Monday, August 18, 2008

Kristin Hersh – ‘Paradoxical Undressing’, St Cecilia’s Hall, Edinburgh, 17th August

A man who must be Billy, Kristin’s husband and manager, takes to the low stage in a twilit room with an oval roof and an oval skylight. There is a lectern and a large white screen, which will be used for back projections of paintings (by Molly Cliff-Hilts, says the programme). He does some diffusing, tells us we can clap or laugh if we like, or not if we don’t. Leaving the stage, he attracts some applause himself and puts a stop to it: ‘Don’t clap.’ Which is funny, but I wonder why he feels the need to tell us these things? She’s only going to be reading book extracts, surely? There is a book in the works, with the same title as this show, both being ‘inspired by my teenage diaries’. Something like her appearance on Powell’s Books’ ‘Bookcast’, maybe? Her funny and deliberate prose in her deep and rich voice, some scary songs (I listened to this again at lunchtime today – what is the point of being disarming with people, I thought, if you’re going to lay them out cold with ‘Delicate Cutters’ afterwards? Hanging up my coat as I arrived back, putting my tears away). But no. Nothing like that.

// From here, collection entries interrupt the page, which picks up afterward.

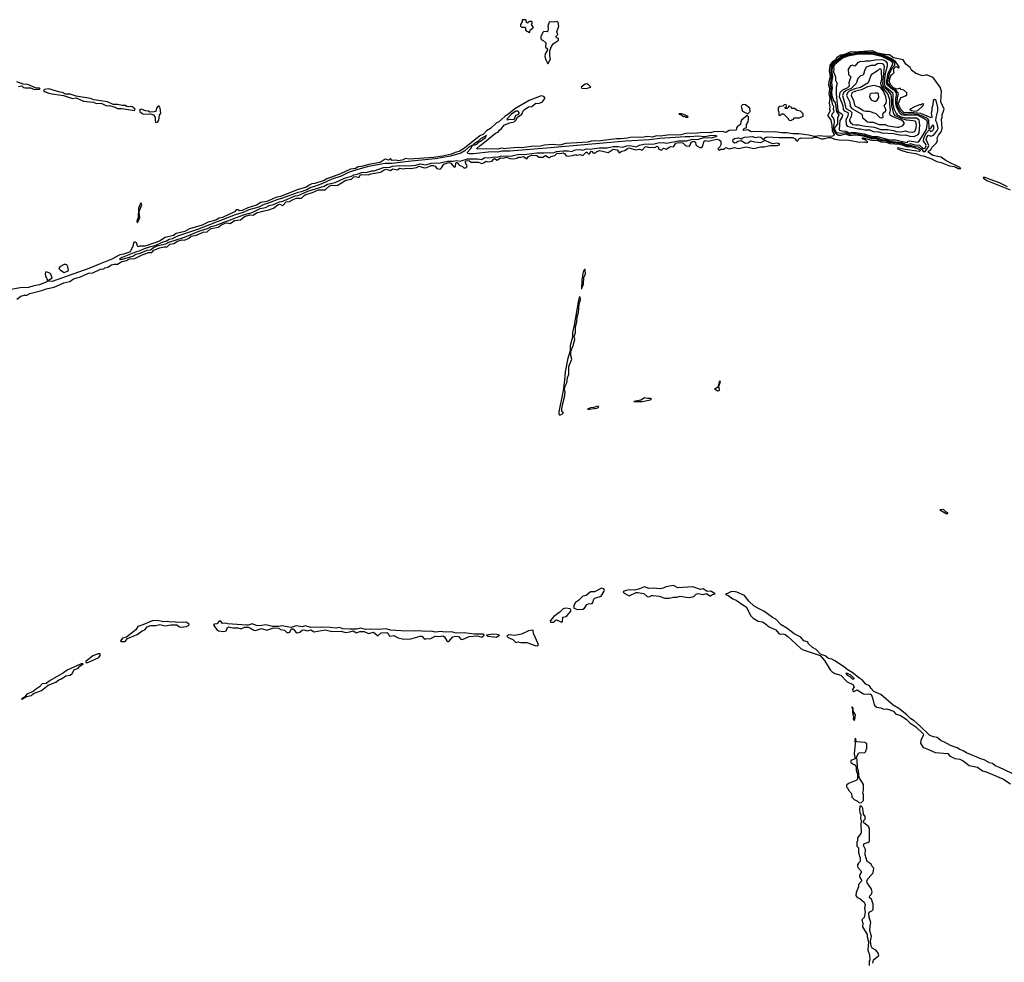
# Model space of a CAD drawing. Extents: x 2889633 to 3052318, y 540750 to 918690.
# Tile 318 of 656: x 2914090 to 2925711, y 776845 to 787970. Entities that reach past the tile are written whole.
import ezdxf

# ---------------------------------------------------------------- set-up
doc = ezdxf.new("R2010")
doc.units = 0

msp = doc.modelspace()

# ---------------------------------------------------------------- linework, layer by layer
at = {"layer": '0CON02XD'}
for points in [[(2920105, 787820), (2920120, 787855), (2920150, 787875), (2920150, 787885), (2920130, 787915), (2920140, 787925), (2920140, 787945), (2920135, 787950), (2920105, 787950), (2920088, 787932), (2920075, 787930), (2920065, 787970), (2920022, 787968), (2920020, 787945), (2920000, 787915), (2920000, 787895), (2920013, 787883), (2920055, 787880), (2920060, 787875), (2920060, 787845), (2920105, 787820)], [(2920325, 787450), (2920356, 787505), (2920348, 787545), (2920348, 787602), (2920366, 787654), (2920386, 787684), (2920432, 787718), (2920450, 787725), (2920448, 787748), (2920432, 787752), (2920420, 787765), (2920420, 787775), (2920440, 787795), (2920430, 787825), (2920454, 787895), (2920446, 787936), (2920435, 787950), (2920401, 787939), (2920365, 787944), (2920341, 787939), (2920322, 787895), (2920329, 787865), (2920322, 787835), (2920315, 787828), (2920275, 787830), (2920260, 787815), (2920250, 787785), (2920240, 787775), (2920240, 787745), (2920255, 787730), (2920265, 787730), (2920300, 787695), (2920297, 787647), (2920318, 787625), (2920317, 787607), (2920292, 787568), (2920286, 787535), (2920298, 787495), (2920325, 787450)], [(2914055, 784673), (2914105, 784708), (2914142, 784718), (2914175, 784719), (2914210, 784740), (2914365, 784778), (2914402, 784795), (2914495, 784814), (2914612, 784865), (2914680, 784880), (2914725, 784913), (2914806, 784934), (2914904, 784977), (2914955, 784983), (2915045, 785026), (2915085, 785030), (2915095, 785040), (2915130, 785050), (2915172, 785078), (2915205, 785086), (2915244, 785086), (2915295, 785116), (2915352, 785128), (2915385, 785148), (2915447, 785153), (2915535, 785196), (2915572, 785205), (2915608, 785222), (2915649, 785221), (2915675, 785251), (2915745, 785276), (2915795, 785289), (2915830, 785290), (2915861, 785319), (2915910, 785330), (2915952, 785358), (2916005, 785371), (2916035, 785366), (2916085, 785391), (2916115, 785414), (2916175, 785428), (2916255, 785464), (2916302, 785468), (2916346, 785505), (2916435, 785522), (2916465, 785544), (2916515, 785568), (2916535, 785571), (2916574, 785566), (2916625, 785601), (2916695, 785608), (2916745, 785649), (2916805, 785666), (2916845, 785664), (2916885, 785691), (2916975, 785716), (2917030, 785725), (2917085, 785744), (2917136, 785786), (2917155, 785792), (2917195, 785779), (2917235, 785820), (2917275, 785824), (2917308, 785845), (2917355, 785864), (2917415, 785862), (2917448, 785895), (2917468, 785905), (2917545, 785929), (2917615, 785960), (2917695, 785963), (2917742, 786005), (2917775, 786016), (2917835, 786014), (2917938, 786075), (2918005, 786086), (2918035, 786116), (2918055, 786121), (2918085, 786110), (2918095, 786113), (2918110, 786135), (2918125, 786144), (2918205, 786140), (2918235, 786152), (2918349, 786171), (2918365, 786177), (2918384, 786196), (2918415, 786204), (2918465, 786190), (2918495, 786208), (2918545, 786199), (2918575, 786216), (2918615, 786208), (2918655, 786216), (2918706, 786214), (2918774, 786226), (2918805, 786240), (2918865, 786222), (2918895, 786224), (2918945, 786249), (2918975, 786250), (2918993, 786243), (2919015, 786212), (2919053, 786207), (2919068, 786222), (2919094, 786265), (2919155, 786286), (2919178, 786275), (2919215, 786232), (2919225, 786230), (2919232, 786238), (2919239, 786275), (2919245, 786283), (2919255, 786283), (2919275, 786252), (2919317, 786237), (2919333, 786223), (2919355, 786220), (2919368, 786232), (2919370, 786245), (2919350, 786280), (2919350, 786295), (2919358, 786305), (2919375, 786310), (2919400, 786305), (2919418, 786288), (2919505, 786290), (2919545, 786273), (2919565, 786280), (2919595, 786302), (2919615, 786293), (2919665, 786302), (2919681, 786325), (2919695, 786331), (2919725, 786311), (2919765, 786339), (2919795, 786336), (2919835, 786346), (2919875, 786332), (2919924, 786326), (2919956, 786334), (2919975, 786349), (2920005, 786346), (2920035, 786354), (2920075, 786328), (2920095, 786356), (2920135, 786371), (2920195, 786366), (2920218, 786348), (2920245, 786347), (2920265, 786348), (2920295, 786367), (2920335, 786342), (2920345, 786342), (2920360, 786355), (2920405, 786366), (2920435, 786395), (2920465, 786391), (2920505, 786398), (2920521, 786391), (2920537, 786367), (2920555, 786358), (2920615, 786367), (2920655, 786380), (2920665, 786370), (2920705, 786380), (2920735, 786368), (2920775, 786408), (2920785, 786408), (2920805, 786388), (2920815, 786388), (2920835, 786420), (2920848, 786415), (2920855, 786400), (2920885, 786400), (2920900, 786415), (2920935, 786426), (2921035, 786402), (2921095, 786440), (2921140, 786435), (2921165, 786400), (2921195, 786418), (2921234, 786426), (2921265, 786450), (2921285, 786457), (2921357, 786433), (2921405, 786440), (2921435, 786432), (2921471, 786469), (2921485, 786474), (2921525, 786460), (2921555, 786466), (2921585, 786460), (2921615, 786478), (2921625, 786470), (2921635, 786442), (2921665, 786430), (2921688, 786452), (2921725, 786442), (2921755, 786467), (2921775, 786472), (2921805, 786470), (2921835, 786512), (2921865, 786522), (2921916, 786516), (2921953, 786483), (2921995, 786478), (2922005, 786490), (2922016, 786525), (2922045, 786537), (2922068, 786525), (2922072, 786492), (2922080, 786480), (2922125, 786458), (2922135, 786460), (2922148, 786475), (2922168, 786535), (2922185, 786543), (2922215, 786538), (2922246, 786546), (2922319, 786559), (2922345, 786553), (2922366, 786536), (2922366, 786494), (2922355, 786470), (2922330, 786445), (2922345, 786432), (2922365, 786440), (2922405, 786442), (2922425, 786460), (2922465, 786447), (2922485, 786448), (2922525, 786463), (2922575, 786451), (2922665, 786470), (2922755, 786448), (2922835, 786471), (2922875, 786469), (2922945, 786484), (2923035, 786484), (2923058, 786495), (2923056, 786506), (2923035, 786511), (2922975, 786506), (2922895, 786542), (2922878, 786542), (2922834, 786516), (2922765, 786523), (2922715, 786538), (2922686, 786514), (2922655, 786510), (2922605, 786542), (2922565, 786532), (2922545, 786518), (2922525, 786512), (2922510, 786525), (2922508, 786535), (2922510, 786555), (2922525, 786569), (2922575, 786576), (2922605, 786562), (2922623, 786577), (2922645, 786584), (2922735, 786590), (2922775, 786578), (2922815, 786589), (2922838, 786585), (2922865, 786560), (2922875, 786560), (2922892, 786578), (2922913, 786587), (2923055, 786581), (2923215, 786580), (2923242, 786565), (2923254, 786544), (2923265, 786540), (2923275, 786540), (2923287, 786563), (2923315, 786577), (2923445, 786570), (2923468, 786582), (2923495, 786582), (2923555, 786564), (2923575, 786563), (2923635, 786578), (2923665, 786578), (2923705, 786561), (2923761, 786551), (2923875, 786550), (2924005, 786524), (2924055, 786528), (2924085, 786522), (2924100, 786525), (2924077, 786547), (2924045, 786558), (2924032, 786575), (2924045, 786576), (2924145, 786549), (2924218, 786545), (2924255, 786529), (2924315, 786524), (2924359, 786509), (2924475, 786502), (2924506, 786495), (2924554, 786474), (2924605, 786472), (2924685, 786451), (2924716, 786435), (2924719, 786421), (2924705, 786413), (2924539, 786439), (2924454, 786456), (2924450, 786445), (2924500, 786425), (2924565, 786407), (2924665, 786391), (2924725, 786367), (2924755, 786363), (2924845, 786333), (2924915, 786297), (2924966, 786286), (2925065, 786244), (2925117, 786237), (2925147, 786227), (2925165, 786213), (2925198, 786212), (2925185, 786227), (2925026, 786306), (2924967, 786347), (2924869, 786369), (2924814, 786405), (2924815, 786417), (2924838, 786432), (2924860, 786465), (2924912, 786515), (2924922, 786545), (2924918, 786575), (2924933, 786607), (2924965, 786648), (2924976, 786685), (2924970, 786795), (2924977, 786815), (2924977, 786847), (2925000, 786915), (2924962, 787002), (2924964, 787065), (2924969, 787125), (2924954, 787175), (2924879, 787275), (2924860, 787290), (2924805, 787314), (2924785, 787316), (2924745, 787308), (2924668, 787335), (2924614, 787374), (2924598, 787405), (2924550, 787445), (2924516, 787496), (2924405, 787520), (2924355, 787556), (2924325, 787556), (2924214, 787576), (2924155, 787602), (2923937, 787587), (2923895, 787592), (2923825, 787559), (2923780, 787550), (2923736, 787524), (2923717, 787495), (2923680, 787470), (2923653, 787435), (2923645, 787365), (2923656, 787295), (2923639, 787235), (2923637, 787203), (2923643, 787173)], [(2924775, 786414), (2924814, 786465), (2924822, 786485), (2924789, 786555), (2924798, 786585), (2924815, 786608), (2924845, 786597), (2924874, 786606), (2924916, 786655), (2924929, 786685), (2924920, 786745), (2924903, 786775), (2924907, 786815), (2924928, 786895), (2924927, 786935), (2924906, 787016), (2924896, 787026), (2924885, 787027), (2924872, 787015), (2924866, 786965), (2924854, 786926), (2924857, 786895), (2924848, 786865), (2924856, 786825), (2924849, 786811), (2924724, 786863), (2924597, 786873), (2924545, 786869), (2924526, 786875), (2924495, 786906), (2924465, 786963), (2924463, 786985), (2924485, 787040), (2924495, 787050), (2924545, 787070), (2924560, 787085), (2924560, 787105), (2924525, 787140), (2924490, 787145), (2924485, 787160), (2924445, 787151), (2924405, 787167), (2924367, 787205), (2924356, 787235), (2924361, 787275), (2924375, 787320), (2924395, 787332), (2924412, 787348), (2924404, 787385), (2924425, 787414), (2924439, 787419), (2924463, 787403), (2924470, 787405), (2924470, 787415), (2924427, 787477), (2924372, 787512), (2924290, 787550), (2924155, 787583), (2924005, 787583), (2923881, 787569), (2923792, 787538), (2923701, 787469), (2923677, 787445), (2923667, 787425), (2923662, 787355), (2923671, 787295), (2923655, 787205), (2923665, 787165), (2923658, 787085), (2923681, 786975), (2923694, 786945), (2923690, 786915), (2923697, 786895), (2923694, 786876), (2923676, 786855), (2923673, 786835), (2923696, 786805), (2923702, 786775), (2923704, 786755), (2923692, 786685), (2923695, 786665), (2923713, 786633), (2923755, 786606), (2923785, 786606), (2923835, 786623), (2923885, 786605), (2923959, 786611), (2924045, 786598), (2924145, 786566), (2924195, 786566), (2924256, 786546), (2924315, 786541), (2924355, 786526), (2924487, 786513), (2924525, 786502), (2924555, 786485), (2924605, 786488), (2924655, 786472), (2924695, 786468), (2924729, 786449), (2924755, 786416), (2924775, 786414)], [(2924765, 786448), (2924775, 786454), (2924787, 786485), (2924780, 786505), (2924756, 786535), (2924763, 786575), (2924794, 786635), (2924825, 786670), (2924845, 786650), (2924867, 786663), (2924879, 786685), (2924880, 786715), (2924875, 786722), (2924862, 786725), (2924835, 786682), (2924825, 786680), (2924822, 786785), (2924805, 786803), (2924745, 786833), (2924685, 786853), (2924605, 786858), (2924535, 786852), (2924505, 786865), (2924485, 786885), (2924455, 786942), (2924445, 786975), (2924451, 787055), (2924462, 787095), (2924459, 787105), (2924440, 787130), (2924381, 787165), (2924334, 787225), (2924355, 787331), (2924389, 787401), (2924417, 787435), (2924418, 787455), (2924402, 787475), (2924375, 787495), (2924274, 787544), (2924145, 787572), (2924005, 787575), (2923935, 787561), (2923875, 787556), (2923794, 787526), (2923703, 787457), (2923680, 787425), (2923674, 787345), (2923685, 787295), (2923672, 787225), (2923680, 787165), (2923672, 787115), (2923675, 787075), (2923695, 787018), (2923715, 786990), (2923731, 786885), (2923757, 786845), (2923742, 786808), (2923742, 786738), (2923713, 786707), (2923707, 786685), (2923710, 786665), (2923721, 786645), (2923735, 786637), (2923785, 786632), (2923835, 786639), (2923885, 786619), (2923925, 786628), (2923955, 786625), (2924055, 786608), (2924155, 786577), (2924185, 786581), (2924225, 786573), (2924265, 786557), (2924315, 786552), (2924355, 786538), (2924502, 786522), (2924563, 786495), (2924605, 786509), (2924655, 786493), (2924709, 786489), (2924755, 786451), (2924765, 786448)], [(2924565, 786522), (2924575, 786537), (2924590, 786540), (2924685, 786526), (2924706, 786535), (2924792, 786675), (2924806, 786755), (2924800, 786775), (2924755, 786808), (2924695, 786838), (2924615, 786845), (2924529, 786839), (2924499, 786849), (2924475, 786871), (2924442, 786932), (2924430, 786975), (2924429, 787035), (2924440, 787085), (2924438, 787105), (2924422, 787125), (2924370, 787160), (2924326, 787205), (2924319, 787225), (2924341, 787339), (2924396, 787445), (2924390, 787465), (2924366, 787486), (2924275, 787533), (2924147, 787563), (2923995, 787565), (2923865, 787540), (2923800, 787515), (2923705, 787436), (2923696, 787416), (2923699, 787385), (2923693, 787355), (2923717, 787295), (2923718, 787255), (2923738, 787215), (2923728, 787175), (2923728, 787095), (2923747, 786895), (2923755, 786881), (2923795, 786858), (2923801, 786845), (2923796, 786824), (2923768, 786782), (2923762, 786675), (2923767, 786667), (2923795, 786658), (2923845, 786654), (2923885, 786632), (2923915, 786642), (2923955, 786639), (2924055, 786622), (2924155, 786592), (2924215, 786591), (2924355, 786552), (2924425, 786552), (2924565, 786522)], [(2924645, 786590), (2924693, 786615), (2924704, 786635), (2924712, 786725), (2924704, 786785), (2924674, 786806), (2924545, 786809), (2924495, 786818), (2924458, 786838), (2924434, 786865), (2924415, 786905), (2924398, 786965), (2924399, 787099), (2924312, 787175), (2924295, 787205), (2924305, 787325), (2924334, 787425), (2924332, 787455), (2924315, 787477), (2924285, 787492), (2924264, 787496), (2924186, 787494), (2924125, 787480), (2924075, 787480), (2924045, 787473), (2924015, 787477), (2923982, 787465), (2923945, 787422), (2923915, 787432), (2923895, 787427), (2923868, 787385), (2923870, 787325), (2923898, 787295), (2923874, 787226), (2923881, 787185), (2923861, 787165), (2923802, 787138), (2923771, 787105), (2923763, 787065), (2923806, 786956), (2923809, 786909), (2923821, 786895), (2923863, 786875), (2923868, 786865), (2923866, 786835), (2923839, 786785), (2923844, 786735), (2923858, 786715), (2923985, 786682), (2924015, 786682), (2924065, 786669), (2924125, 786669), (2924165, 786652), (2924230, 786645), (2924265, 786634), (2924405, 786626), (2924495, 786608), (2924545, 786612), (2924595, 786596), (2924645, 786590)], [(2924625, 786643), (2924655, 786652), (2924670, 786695), (2924676, 786725), (2924665, 786767), (2924637, 786777), (2924555, 786784), (2924494, 786804), (2924427, 786837), (2924407, 786857), (2924383, 786955), (2924384, 787025), (2924377, 787087), (2924345, 787128), (2924296, 787166), (2924280, 787195), (2924277, 787215), (2924298, 787415), (2924288, 787438), (2924265, 787453), (2924215, 787450), (2924182, 787428), (2924141, 787429), (2924080, 787410), (2924060, 787365), (2924050, 787325), (2924044, 787316), (2924015, 787308), (2923982, 787275), (2923962, 787215), (2923905, 787159), (2923844, 787135), (2923812, 787108), (2923801, 787075), (2923825, 786992), (2923842, 786922), (2923893, 786893), (2923911, 786875), (2923904, 786826), (2923885, 786790), (2923884, 786775), (2923897, 786755), (2923925, 786734), (2923955, 786728), (2923995, 786731), (2924045, 786717), (2924173, 786703), (2924255, 786674), (2924335, 786674), (2924405, 786664), (2924435, 786652), (2924495, 786647), (2924545, 786657), (2924575, 786647), (2924625, 786643)], [(2924445, 786700), (2924465, 786703), (2924511, 786719), (2924532, 786745), (2924520, 786765), (2924496, 786785), (2924387, 786827), (2924364, 786845), (2924360, 786865), (2924368, 786905), (2924360, 786965), (2924361, 787025), (2924338, 787095), (2924284, 787154), (2924259, 787199), (2924254, 787225), (2924264, 787265), (2924262, 787372), (2924257, 787385), (2924248, 787388), (2924234, 787386), (2924215, 787367), (2924141, 787319), (2924106, 787224), (2924015, 787169), (2923945, 787153), (2923880, 787125), (2923859, 787105), (2923850, 787075), (2923889, 786995), (2923890, 786945), (2923910, 786920), (2924028, 786855), (2924038, 786815), (2924096, 786766), (2924115, 786760), (2924165, 786759), (2924234, 786734), (2924303, 786733), (2924335, 786717), (2924445, 786700)], [(2914265, 787148), (2914325, 787150), (2914330, 787155), (2914325, 787160), (2914285, 787160), (2914186, 787206), (2914131, 787211), (2914055, 787236)], [(2920775, 787159), (2920805, 787164), (2920830, 787175), (2920805, 787202), (2920785, 787212), (2920765, 787210), (2920718, 787175), (2920720, 787165), (2920727, 787163), (2920775, 787159)], [(2923643, 787173), (2923647, 787155), (2923639, 787095), (2923650, 787045), (2923644, 786985), (2923651, 786945), (2923648, 786915), (2923657, 786895), (2923628, 786845), (2923628, 786835), (2923663, 786785), (2923676, 786726), (2923679, 786659), (2923702, 786615), (2923697, 786603), (2923685, 786596), (2923595, 786590), (2923532, 786598), (2923465, 786590), (2923405, 786606), (2923285, 786621), (2923213, 786623), (2923145, 786634), (2923085, 786634), (2923005, 786646), (2922885, 786644), (2922835, 786652), (2922725, 786648), (2922685, 786672), (2922635, 786662), (2922630, 786675), (2922645, 786690), (2922668, 786692), (2922670, 786735), (2922686, 786764), (2922692, 786795), (2922690, 786825), (2922675, 786840), (2922610, 786785), (2922600, 786765), (2922596, 786734), (2922561, 786709), (2922550, 786695), (2922550, 786675), (2922542, 786668), (2922465, 786663), (2922425, 786638), (2922385, 786650), (2922284, 786646), (2922245, 786636), (2922165, 786640), (2922085, 786629), (2921956, 786626), (2921895, 786612), (2921735, 786609), (2921655, 786596), (2921605, 786600), (2921553, 786583), (2921495, 786590), (2921455, 786582), (2921295, 786580), (2921265, 786570), (2921185, 786562), (2921135, 786564), (2920945, 786540), (2920835, 786537), (2920795, 786526), (2920535, 786507), (2920465, 786489), (2920376, 786496), (2920285, 786490), (2920235, 786476), (2920128, 786472), (2920015, 786456), (2919975, 786461), (2919835, 786449), (2919815, 786446), (2919775, 786452), (2919735, 786440), (2919480, 786445), (2919523, 786487), (2919577, 786523), (2919705, 786630), (2919739, 786641), (2919753, 786667), (2919776, 786684), (2919812, 786728), (2919874, 786754), (2919926, 786763), (2919947, 786783), (2919965, 786818), (2920016, 786854), (2920034, 786895), (2920045, 786906), (2920095, 786940), (2920134, 786946), (2920180, 786985), (2920215, 786982), (2920255, 786997), (2920290, 787045), (2920278, 787065), (2920245, 787071), (2920102, 787018), (2919935, 786918), (2919865, 786857), (2919815, 786826), (2919746, 786765), (2919715, 786749), (2919645, 786684), (2919601, 786659), (2919565, 786620), (2919522, 786598), (2919341, 786455), (2919275, 786414), (2919228, 786402), (2919185, 786382), (2919082, 786358), (2918975, 786345), (2918745, 786326), (2918685, 786324), (2918645, 786333), (2918614, 786316), (2918565, 786306), (2918525, 786313), (2918488, 786308), (2918465, 786330), (2918445, 786312), (2918405, 786322), (2918345, 786284), (2918209, 786261), (2918125, 786238), (2918086, 786234), (2918052, 786215), (2917995, 786204), (2917875, 786150), (2917715, 786091), (2917685, 786074), (2917575, 786036), (2917538, 786032), (2917505, 786017), (2917475, 785994), (2917375, 785964), (2917168, 785882), (2917115, 785872), (2917008, 785825), (2916938, 785812), (2916885, 785781), (2916781, 785749), (2916715, 785720), (2916686, 785716), (2916665, 785727), (2916645, 785727), (2916626, 785704), (2916485, 785635), (2916444, 785626), (2916405, 785604), (2916315, 785581), (2916242, 785545), (2916095, 785500), (2916039, 785471), (2915935, 785447), (2915905, 785424), (2915805, 785398), (2915740, 785355), (2915595, 785304), (2915565, 785297), (2915507, 785297), (2915485, 785290), (2915470, 785335), (2915445, 785350), (2915432, 785335), (2915427, 785293), (2915399, 785241), (2915385, 785228), (2915315, 785202), (2915270, 785195), (2915178, 785145), (2915041, 785089), (2914905, 785032), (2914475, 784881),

She is dressed in white with a black guitar. Electric, but it sounds deep, warm and half acoustic. She plays the whole way through, more languidly than you’d imagine she could – The Grotto is the closest her recorded playing comes to it. The few repeated chords conjure up a spaghetti western desert. She starts to read: ‘The handmade Jesus on Mr and Mrs Boluc’s living room wall has no face, just a gasping, caved-in head with blood dripping down its chest.’ The online text has ‘jerry-rigged Jesus’, which is even better. Her voice doesn’t take you too far from the western idea, this could be the preamble to some lawless tragedy. I close my eyes for the first few minutes, because I can’t breathe, I can’t leave… but that’s not quite it, it isn’t suffocating. There is something in Kristin’s performance, running through it, the whole thing, comparable to whatever it is that runs through her early records. It’s not something that has been consistently present in her work for a long time, though there have always been flashes. A man made of butter fat careening around on a sno cat. It isn’t the same, it’s older, less fraught. It is placid and it is hurt. It is powerful and affecting but it is not oppressive. This is a surprise: the feeling of being belted around the head by ‘Vicky’s Box’ slowed and withstood, brought under control. It is a good and a positive thing.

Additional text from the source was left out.